Part of that instinct comes from how the show adjusts its process to create long, uninterrupted takes that aren’t overly rehearsed beforehand. “Succession” is great at creating the energy of a one-hit wonder: Even if it chooses to cut between camera angles, visually and emotionally, there’s no relief for the Roys. Unsurprisingly, Mylod and Capone repeated their process from Episode 3 this season, extending the length of a take even though they’re shooting with film that can only be about 10 minutes long before the reel needs to be changed.
“At one point we basically did a 20-minute take, similar to the day Logan died,” Capone said. “Camera operator and assistant A had two cameras, and as soon as one film finished, they’d just pick up another one (camera body) and another team would reload it for them. We had five cameras at the funeral but six bodies because we flipped camera A and moved on.

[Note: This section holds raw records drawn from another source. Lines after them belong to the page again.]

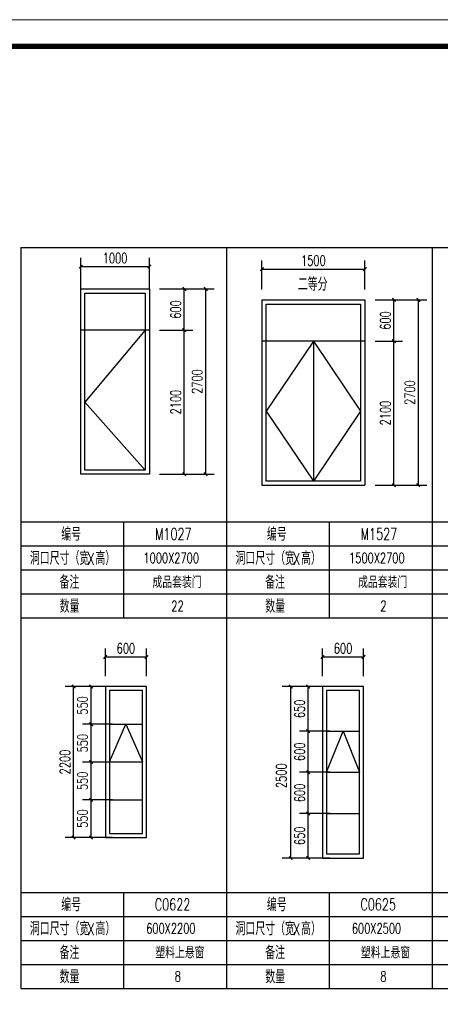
# Model space of a CAD drawing. Extents: x 88237 to 730297, y -11868 to 107702.
# Tile 40 of 49: x 615371 to 621508, y 70449 to 84802. Entities that reach past the tile are written whole.
import ezdxf

# ---------------------------------------------------------------- set-up
doc = ezdxf.new("R2010")
doc.units = 0
doc.header["$LTSCALE"] = 1000
doc.header["$MEASUREMENT"] = 0
for name, color, linetype in [('PUB_DIM', 3, 'Continuous'), ('PUB_TAB', 7, 'Continuous'), ('WINDOW', 4, 'Continuous'), ('zc', 7, 'Continuous'), ('图框', 7, 'Continuous')]:
    doc.layers.add(name, color=color, linetype=linetype)
doc.styles.add('_TCH_DIM_T3', font='SIMPLEX', dxfattribs={"width": 0.705882, "bigfont": 'GBCBIG'})
doc.styles.add('_TCH_WDTABLE', font='SIMPLEX', dxfattribs={"bigfont": 'GBCBIG'})
doc.dimstyles.new('_TCH_ARCH&&50', dxfattribs={"dimtxt": 148.75, "dimasz": 50, "dimexe": 125, "dimexo": 150, "dimgap": 50, "dimtad": 1, "dimdec": 0, "dimzin": 0, "dimdsep": 46, "dimtxsty": '_TCH_DIM_T3', "dimblk": 'ARCHTICK', "dimcen": 0.09, "dimclrt": 7, "dimazin": 2, "dimtfac": 1, "dimtdec": 0, "dimtix": 1, "dimtmove": 2, "dimatfit": 3, "dimfxl": 1, "dimtolj": 1, "dimtzin": 0, "dimarcsym": 0})

# ---------------------------------------------------------------- blocks, each defined once
blk = doc.blocks.new('_ArchTick')
at = {"color": 0, "linetype": 'ByBlock', "const_width": 0.4}
blk.add_lwpolyline([(-0.5, -0.5), (0.5, 0.5)], dxfattribs=at)
blk = doc.blocks.new('*D528')
at = {"layer": 'Defpoints', "color": 0}
for p in [(619326, 75081), (619789, 75081), (619789, 72581)]:
    blk.add_point(p, dxfattribs=at)
at = {"layer": 'PUB_DIM', "color": 0, "lineweight": -2}
for p, q in [((619639, 75081), (619201, 75081)), ((619326, 72581), (619326, 75081)), ((619639, 72581), (619201, 72581))]:
    blk.add_line(p, q, dxfattribs=at)
at = {"layer": 'PUB_DIM', "color": 0, "lineweight": -2, "xscale": 50, "yscale": 50, "zscale": 50}
for p, rotation in [((619326, 75081), 90), ((619326, 72581), 270)]:
    blk.add_blockref('_ArchTick', p, dxfattribs=dict(at, rotation=rotation))
at = {"layer": 'PUB_DIM', "color": 7, "insert": (619188, 73781), "char_height": 148.8, "attachment_point": 5, "rotation": 90, "style": '_TCH_DIM_T3'}
blk.add_mtext('\\A1;2500', dxfattribs=at)
blk = doc.blocks.new('*D529')
at = {"layer": 'Defpoints', "color": 0}
for p in [(619580, 75081), (620044, 75081), (620044, 74431)]:
    blk.add_point(p, dxfattribs=at)
at = {"layer": 'PUB_DIM', "color": 0, "lineweight": -2}
for p, q in [((619894, 75081), (619455, 75081)), ((619580, 74431), (619580, 75081)), ((619894, 74431), (619455, 74431))]:
    blk.add_line(p, q, dxfattribs=at)
at = {"layer": 'PUB_DIM', "color": 0, "lineweight": -2, "xscale": 50, "yscale": 50, "zscale": 50}
for p, rotation in [((619580, 75081), 90), ((619580, 74431), 270)]:
    blk.add_blockref('_ArchTick', p, dxfattribs=dict(at, rotation=rotation))
at = {"layer": 'PUB_DIM', "color": 7, "insert": (619456, 74756), "char_height": 148.8, "attachment_point": 5, "rotation": 90, "style": '_TCH_DIM_T3'}
blk.add_mtext('\\A1;650', dxfattribs=at)
blk = doc.blocks.new('*D530')
at = {"layer": 'Defpoints', "color": 0}
for p in [(619580, 74431), (620044, 74431), (620044, 73831)]:
    blk.add_point(p, dxfattribs=at)
at = {"layer": 'PUB_DIM', "color": 0, "lineweight": -2}
for p, q in [((619894, 74431), (619455, 74431)), ((619580, 73831), (619580, 74431)), ((619894, 73831), (619455, 73831))]:
    blk.add_line(p, q, dxfattribs=at)
at = {"layer": 'PUB_DIM', "color": 0, "lineweight": -2, "xscale": 50, "yscale": 50, "zscale": 50}
for p, rotation in [((619580, 74431), 90), ((619580, 73831), 270)]:
    blk.add_blockref('_ArchTick', p, dxfattribs=dict(at, rotation=rotation))
at = {"layer": 'PUB_DIM', "color": 7, "insert": (619456, 74131), "char_height": 148.8, "attachment_point": 5, "rotation": 90, "style": '_TCH_DIM_T3'}
blk.add_mtext('\\A1;600', dxfattribs=at)
blk = doc.blocks.new('*D531')
at = {"layer": 'Defpoints', "color": 0}
for p in [(619580, 73831), (620044, 73831), (620044, 73231)]:
    blk.add_point(p, dxfattribs=at)
at = {"layer": 'PUB_DIM', "color": 0, "lineweight": -2}
for p, q in [((619894, 73831), (619455, 73831)), ((619580, 73231), (619580, 73831)), ((619894, 73231), (619455, 73231))]:
    blk.add_line(p, q, dxfattribs=at)
at = {"layer": 'PUB_DIM', "color": 0, "lineweight": -2, "xscale": 50, "yscale": 50, "zscale": 50}
for p, rotation in [((619580, 73831), 90), ((619580, 73231), 270)]:
    blk.add_blockref('_ArchTick', p, dxfattribs=dict(at, rotation=rotation))
at = {"layer": 'PUB_DIM', "color": 7, "insert": (619456, 73531), "char_height": 148.8, "attachment_point": 5, "rotation": 90, "style": '_TCH_DIM_T3'}
blk.add_mtext('\\A1;600', dxfattribs=at)
blk = doc.blocks.new('*D532')
at = {"layer": 'Defpoints', "color": 0}
for p in [(619580, 73231), (620044, 73231), (620044, 72581)]:
    blk.add_point(p, dxfattribs=at)
at = {"layer": 'PUB_DIM', "color": 0, "lineweight": -2}
for p, q in [((619894, 73231), (619455, 73231)), ((619580, 72581), (619580, 73231)), ((619894, 72581), (619455, 72581))]:
    blk.add_line(p, q, dxfattribs=at)
at = {"layer": 'PUB_DIM', "color": 0, "lineweight": -2, "xscale": 50, "yscale": 50, "zscale": 50}
for p, rotation in [((619580, 73231), 90), ((619580, 72581), 270)]:
    blk.add_blockref('_ArchTick', p, dxfattribs=dict(at, rotation=rotation))
at = {"layer": 'PUB_DIM', "color": 7, "insert": (619456, 72906), "char_height": 148.8, "attachment_point": 5, "rotation": 90, "style": '_TCH_DIM_T3'}
blk.add_mtext('\\A1;650', dxfattribs=at)
blk = doc.blocks.new('*D533')
at = {"layer": 'Defpoints', "color": 0}
for p in [(620389, 75513), (619789, 75081), (620389, 75081)]:
    blk.add_point(p, dxfattribs=at)
at = {"layer": 'PUB_DIM', "color": 0, "lineweight": -2}
for p, q in [((619789, 75231), (619789, 75638)), ((620389, 75231), (620389, 75638)), ((619789, 75513), (620389, 75513))]:
    blk.add_line(p, q, dxfattribs=at)
at = {"layer": 'PUB_DIM', "color": 0, "lineweight": -2, "xscale": 50, "yscale": 50, "zscale": 50, "rotation": 180}
blk.add_blockref('_ArchTick', (619789, 75513), dxfattribs=at)
at = {"layer": 'PUB_DIM', "color": 0, "lineweight": -2, "xscale": 50, "yscale": 50, "zscale": 50}
blk.add_blockref('_ArchTick', (620389, 75513), dxfattribs=at)
at = {"layer": 'PUB_DIM', "color": 7, "insert": (620089, 75638), "char_height": 148.8, "attachment_point": 5, "style": '_TCH_DIM_T3'}
blk.add_mtext('\\A1;600', dxfattribs=at)
blk = doc.blocks.new('*D534')
at = {"layer": 'Defpoints', "color": 0}
for p in [(616158, 75081), (616621, 75081), (616621, 72881)]:
    blk.add_point(p, dxfattribs=at)
at = {"layer": 'PUB_DIM', "color": 0, "lineweight": -2}
for p, q in [((616471, 75081), (616033, 75081)), ((616158, 72881), (616158, 75081)), ((616471, 72881), (616033, 72881))]:
    blk.add_line(p, q, dxfattribs=at)
at = {"layer": 'PUB_DIM', "color": 0, "lineweight": -2, "xscale": 50, "yscale": 50, "zscale": 50}
for p, rotation in [((616158, 75081), 90), ((616158, 72881), 270)]:
    blk.add_blockref('_ArchTick', p, dxfattribs=dict(at, rotation=rotation))
at = {"layer": 'PUB_DIM', "color": 7, "insert": (616033, 73981), "char_height": 148.8, "attachment_point": 5, "rotation": 90, "style": '_TCH_DIM_T3'}
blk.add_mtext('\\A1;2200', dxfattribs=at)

“Succession” also sends clear messages in the way it sometimes chooses to deviate from its usual visual language. Capone brought in five cameras to shoot the funeral sequence and positioned two for high-and-wide shots for the coordinated casket entry and exit, inspired by real-life coverage of the funerals of heads of state. “We shot them at the beginning and end of the scene, and then three cameras would roam the rest of the ceremony,” Capone said.

Those locked shots give the viewer an instinctive sense of the funeral as more than a funeral because nothing with Logan can ever be just about family; it’s also always about power. Capone is especially proud of the tracking shot following Kendall out of the funeral. “We wanted to show that he was almost holding court, and he was ready to accept the reins,” Capone said.
Even though each Roy brother has a moment at the funeral and even as the camera expresses their grief (even Connor’s), the importance to Kendall is evident. It’s a kind of special treatment that makes it clear that she “won” the funeral, though the show also makes it clear that perhaps it comes at too great a cost: When you’ve lost Jess (Juliana Canfield), you’ve lost everything.
But what makes the camerawork in “Succession” so satisfying, instead of busy or distracting, is that the cameras simply let the Roy family hang themselves. “From first word to last, we followed them from room to room,” Capone said. “We never stop shooting. And that’s liberating for the cast. They can just keep moving and go where they feel they need to be.”
Sadly, where the Roys feel they should be is never where they should be. This is the tension that makes “Succession” so compulsively watchable and why it will seem that no matter who sits in Logan’s chair, nothing will ever change.